Learn Set Manager can only be launched from Verifier. You have access to Learn Set Manager mode only if you have been assigned to a group that has permission to work with the mode. There is no limit on the number of users who can simultaneously access Learn Set Manager.

9.2     Start Learn Set Manager

To start Learn Set Manager, complete the following step:

  Click the Start Learn Set Manager button in the Verifier toolbar.

9.3     Getting Familiar with the Learn Set Manager User Interface

Learn Set Manager has two basic modes, or views. These are the Accumulated Documents View, where you work with local learnsets, and the Global Learnset View, where you work with common learnsets and global learnsets.

When you are working with local learnsets, you can further refine the appearance of the Accumulated Documents browser when you verify documents or manually reclassify them.

9.3.1     Accumulated Documents Browsing

The Accumulated Documents Browsing view has the following sections:

Batch Viewer

Enables you to see each class in the batch you are working on. The Batch Viewer shows each class as part of the batch, the user who created the batch, the date it was created, the number of documents in the batch and in each class, the number of documents successfully classified and the number of documents successfully extracted. You will need to enlarge the window to see all of these categories.

Document Viewer

As with the Document Viewer in Verifier, this window enables you to see (and therefore verify) each document in the batch you are working on. You can verify documents in Document Viewer.

Learning Statistic Window

Shows the documents that have been processed by WebCenter Forms Recognition. Documents that are awaiting processing have a question mark beside them. Successfully processed documents have a check mark, while documents that failed processing have an X.

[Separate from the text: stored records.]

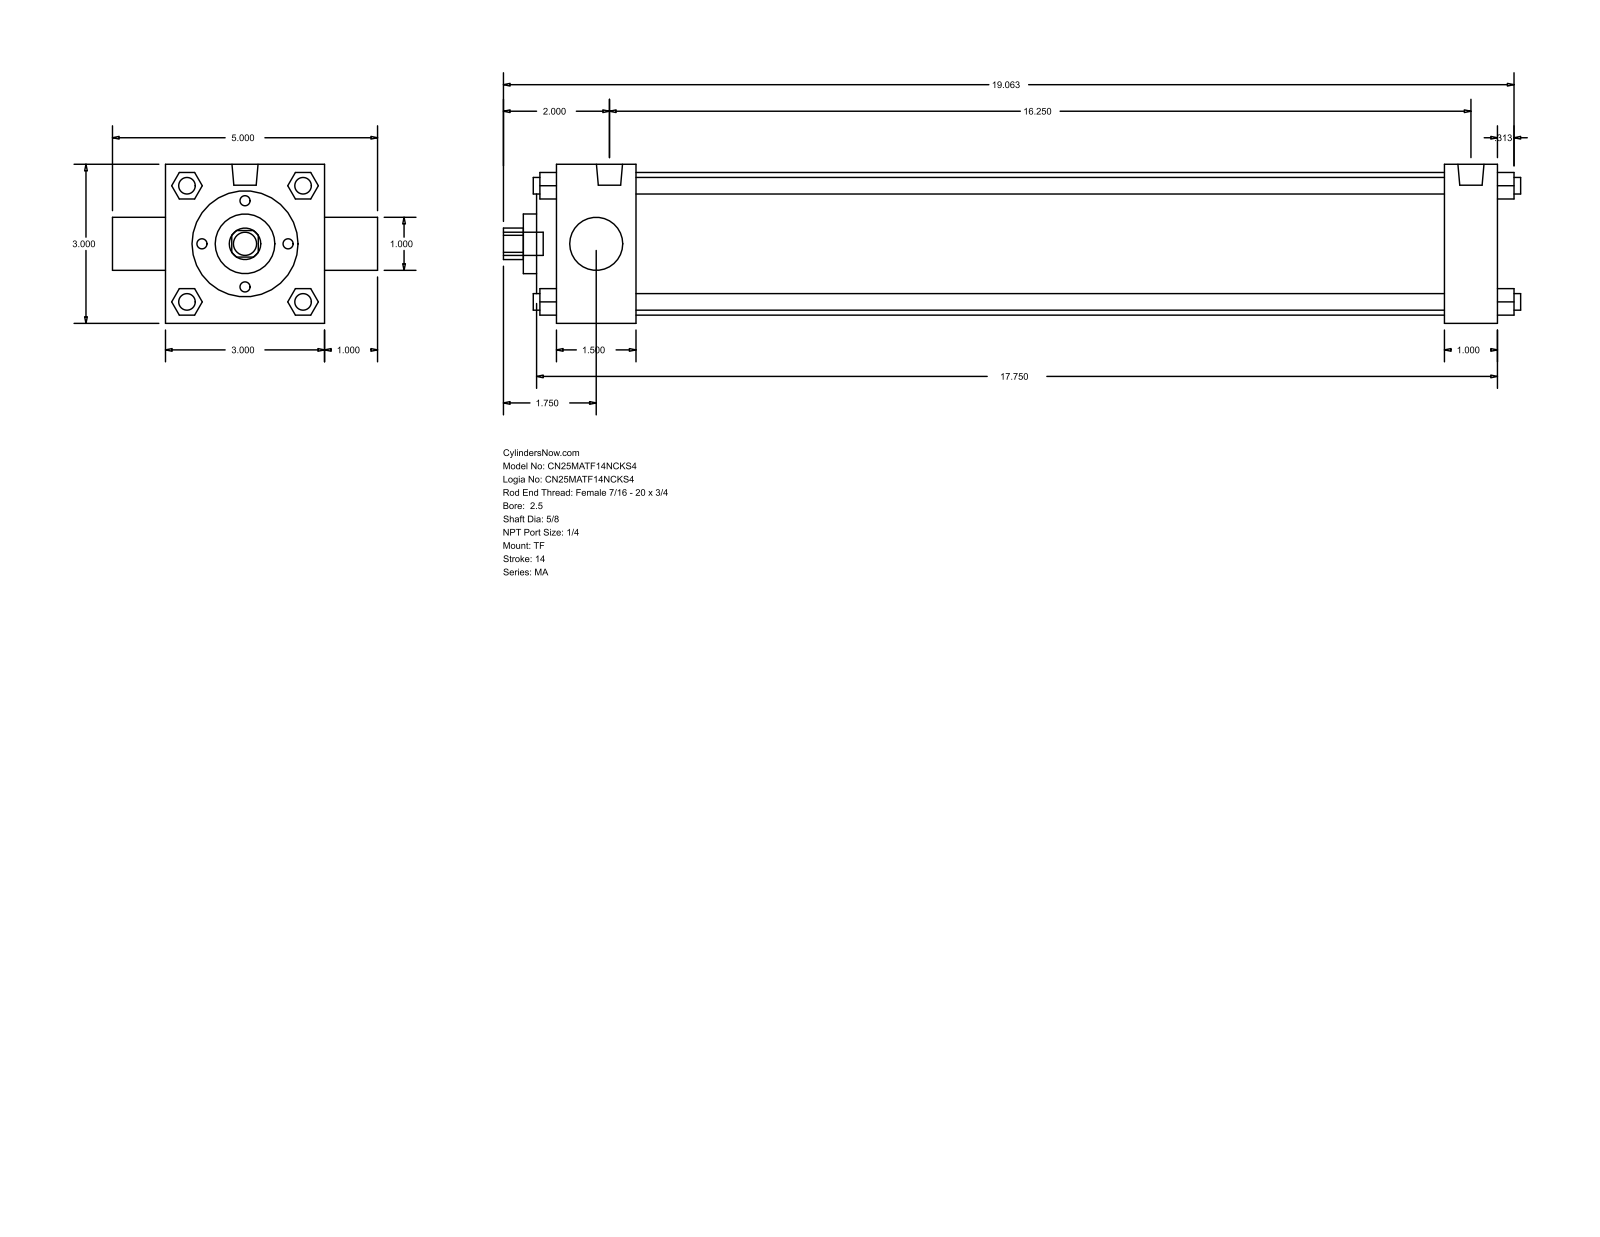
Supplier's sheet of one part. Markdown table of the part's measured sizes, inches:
| quantity | value |
| --- | --- |
| part name | MA_TF__0250_0.625 |
| STEP written by | GSSL Pune (CONFIG_CONTROL_DESIGN) |
| units | inches |
| bodies | 0 solids, 122 faces (93 planar, 29 cylindrical, 0 other) |
| overall size | 19.187 × 5 × 3 |
| round holes (diameter × count) | 0.625 × 1, 1 × 1, 1.125 × 1, 2 × 1, 2.69 × 1 |
| round bosses / shafts (diameter × count) | 0.313 × 7, 0.492 × 2, 0.437 × 1 |
| partial cylindrical surfaces (radius × count) | 0.297 × 1 |
| main face-to-face distances | 3, 17.75, 1, 1.5, 16.75, 15.25, 16.25, 0.5, 0.375, 1.875 |

9.3.2     Global Learnset Browsing

The Global Learnset Browsing view has the following sections:

Batch Viewer

Enables you to see each class in the batch you are working on. Shows the classes in the global learnset, and the number of documents classified or extracted in each.

Document Viewer

As with the Document Viewer in Verifier, this window enables you to see (and therefore verify) each document in the batch you are working on. You can verify documents in Document Viewer.

Learning Statistic Window

Shows the documents that have been processed by WebCenter Forms Recognition. Documents that are awaiting processing have a question mark beside them. Successfully processed documents have a check mark, while documents that failed processing have an X.

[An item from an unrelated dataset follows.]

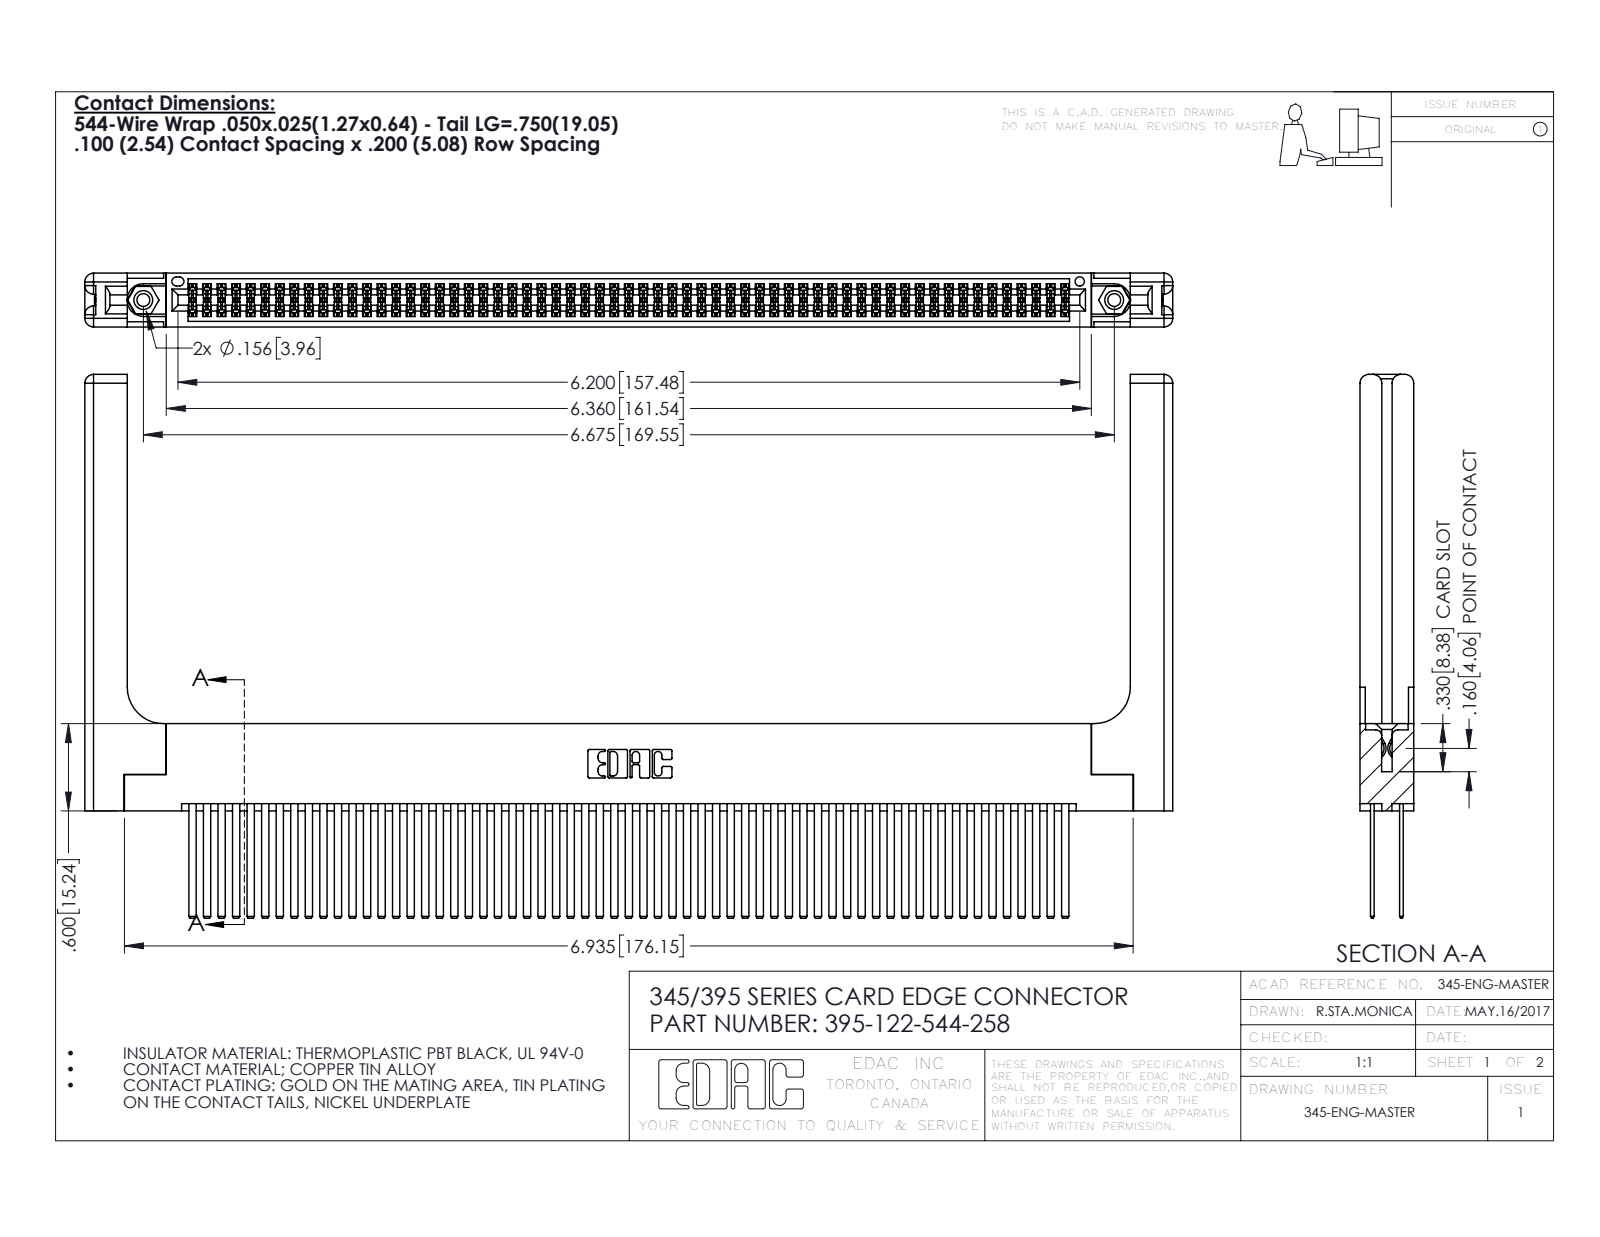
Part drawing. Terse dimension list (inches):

9.3.3     Learn Set Manager Keyboard Shortcuts

The following menu commands and keyboard shortcuts are available in Learn Set Manager:

Keyboard Shortcut

Command

[Ctrl] + [E]

Closes Learn Set Manager.

[F5]

Verifies documents in Supervised Learning.

[F7]

Manually reclassifies document.

[F1]

Opens Learn Set Manager help.

9.3.4     Learn Set Manager Toolbar Buttons

The Learn Set Manager toolbar provides quick access to some frequently used commands:

Button

Description

Show settings.

Switch to Accumulated Documents Browsing (the local learnset).

Switch to global learnset processing.

Verify documents.

Correct tables. Allows you to correct data in the tables. You have to click a table field for this to be active.

Accept documents.

Reject documents.

Learn documents (add them to the global learnset).

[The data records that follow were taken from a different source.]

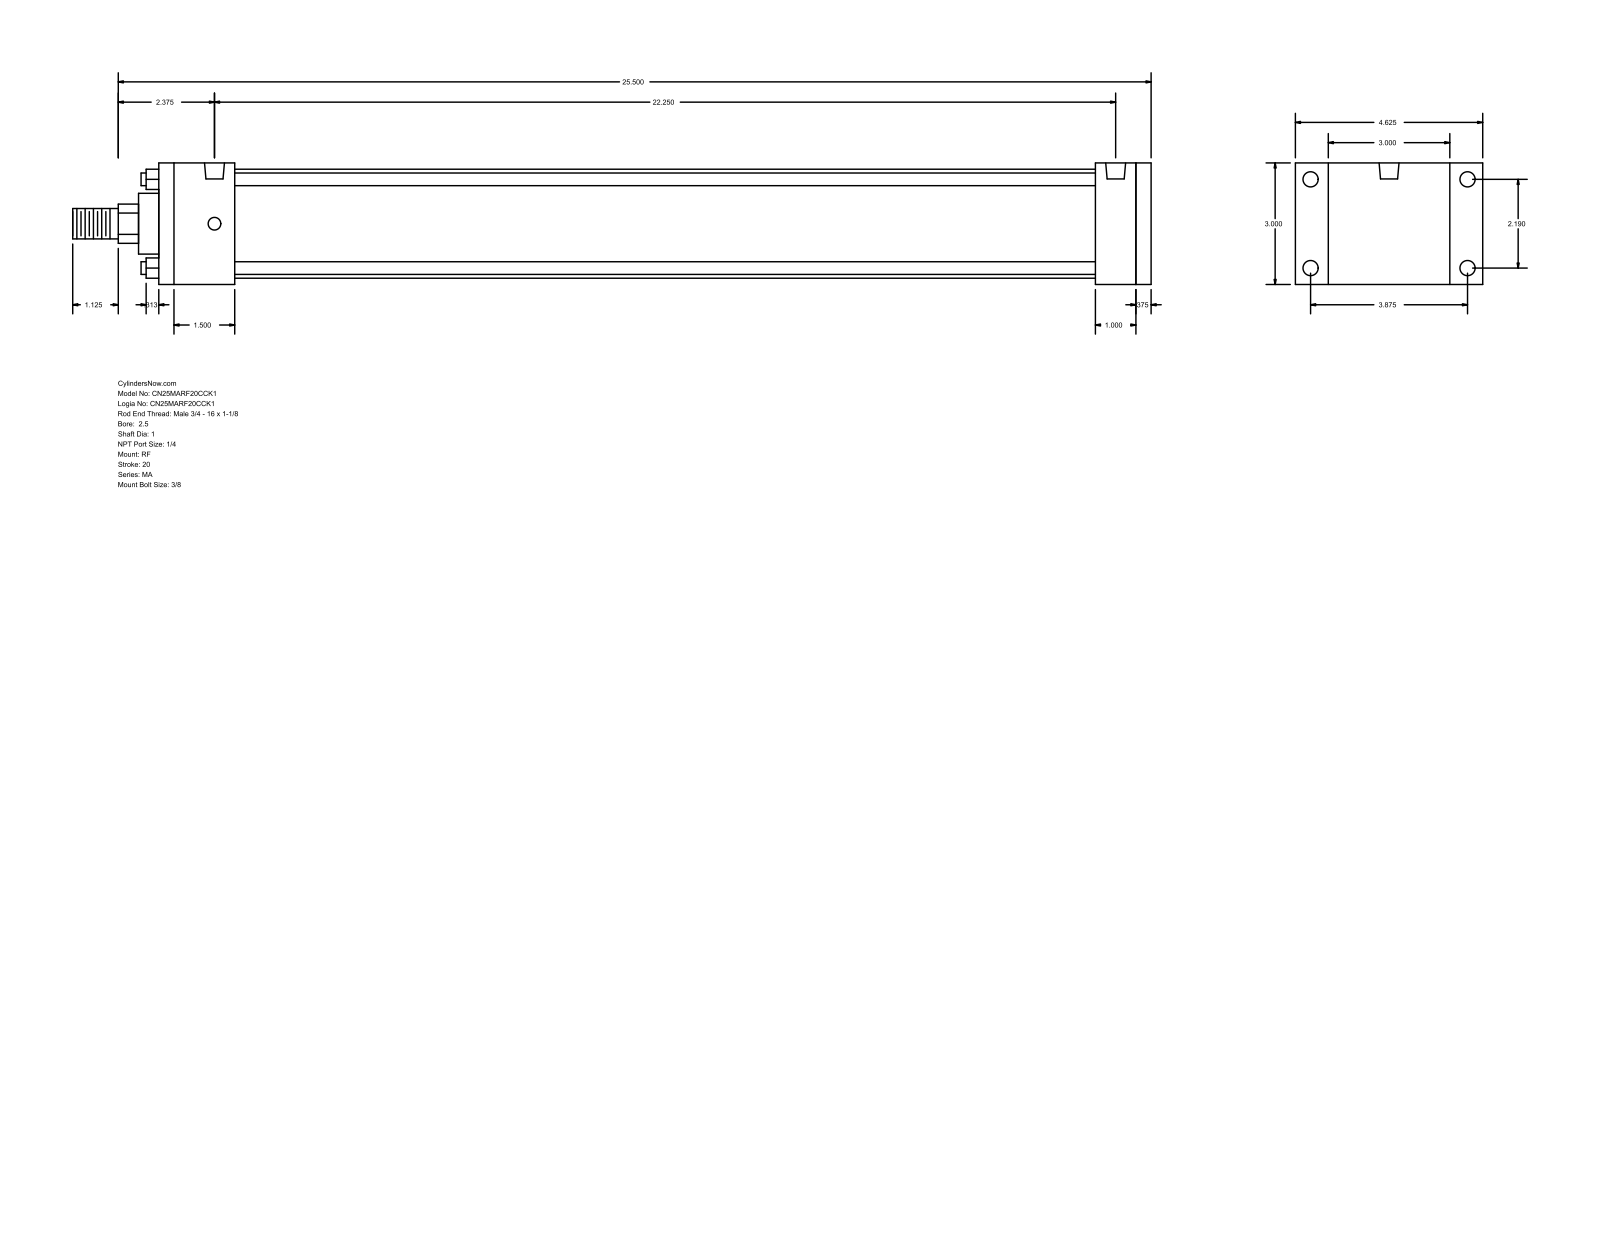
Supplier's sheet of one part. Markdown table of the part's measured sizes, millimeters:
| quantity | value |
| --- | --- |
| part name | MA_RF__0250_1 |
| STEP written by | GSSL Pune (CONFIG_CONTROL_DESIGN) |
| units | millimeters |
| bodies | 0 solids, 92 faces (64 planar, 28 cylindrical, 0 other) |
| overall size | 676.27 × 117.47 × 76.2 |
| round holes (diameter × count) | 7.94 × 4, 9.53 × 4, 12.49 × 2 |
| round bosses / shafts (diameter × count) | 7.94 × 4, 68.33 × 1, 38.1 × 1, 25.4 × 1, 19.05 × 1 |
| partial cylindrical surfaces (radius × count) | 12.29 × 1 |
| main face-to-face distances | 76.2, 622.3, 612.77, 9.53, 25.4, 47.63, 587.37, 539.74, 565.14, 574.67 |
| hole center spacings | 55.62, 98.42, 113.05, 565.15 |

9.3.5     Learn Set Manager Viewer Toolbar Buttons

On the Viewer toolbar, you can use the following commands to adjust the size of a document relative to the width of the Document Viewer window:

Button

Description

Fits the document to window height.

Fits the document to window width.

Best fit.

Zooms in.

Zooms out.

9.4     Using Learn Set Manager

9.4.1     About the Learn Set Manager Process

Use Learn Set Manager to work with local learnsets. First, verify the documents, decide whether they belong in the learnset, add them to the common learnset, and train the learnset.

In the common learnset, you examine the documents for inclusion in the global learnset, accept or reject them, and add them to the global learnset. Finally, you train the global learnset.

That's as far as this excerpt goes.